# [WHAT THE TASK ASKS]
In full and without deviation, reproduce the records that follow.

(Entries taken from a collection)
Start of Block

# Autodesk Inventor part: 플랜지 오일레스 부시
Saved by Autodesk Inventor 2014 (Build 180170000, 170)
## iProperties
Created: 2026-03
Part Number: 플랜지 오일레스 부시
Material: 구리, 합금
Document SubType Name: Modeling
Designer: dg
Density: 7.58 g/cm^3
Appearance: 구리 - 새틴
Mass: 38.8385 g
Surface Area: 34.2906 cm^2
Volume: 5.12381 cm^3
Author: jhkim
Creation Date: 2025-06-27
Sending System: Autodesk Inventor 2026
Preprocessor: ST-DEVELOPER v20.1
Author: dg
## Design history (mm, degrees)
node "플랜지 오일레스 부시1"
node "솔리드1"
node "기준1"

End of Block

# [RESPONSE BOX]
# Autodesk Inventor part: 플랜지 오일레스 부시
Saved by Autodesk Inventor 2014 (Build 180170000, 170)
## iProperties
Created: 2026-03
Part Number: 플랜지 오일레스 부시
Material: 구리, 합금
Document SubType Name: Modeling
Designer: dg
Density: 7.58 g/cm^3
Appearance: 구리 - 새틴
Mass: 38.8385 g
Surface Area: 34.2906 cm^2
Volume: 5.12381 cm^3
Author: jhkim
Creation Date: 2025-06-27
Sending System: Autodesk Inventor 2026
Preprocessor: ST-DEVELOPER v20.1
Author: dg
## Design history (mm, degrees)
node "플랜지 오일레스 부시1"
node "솔리드1"
node "기준1"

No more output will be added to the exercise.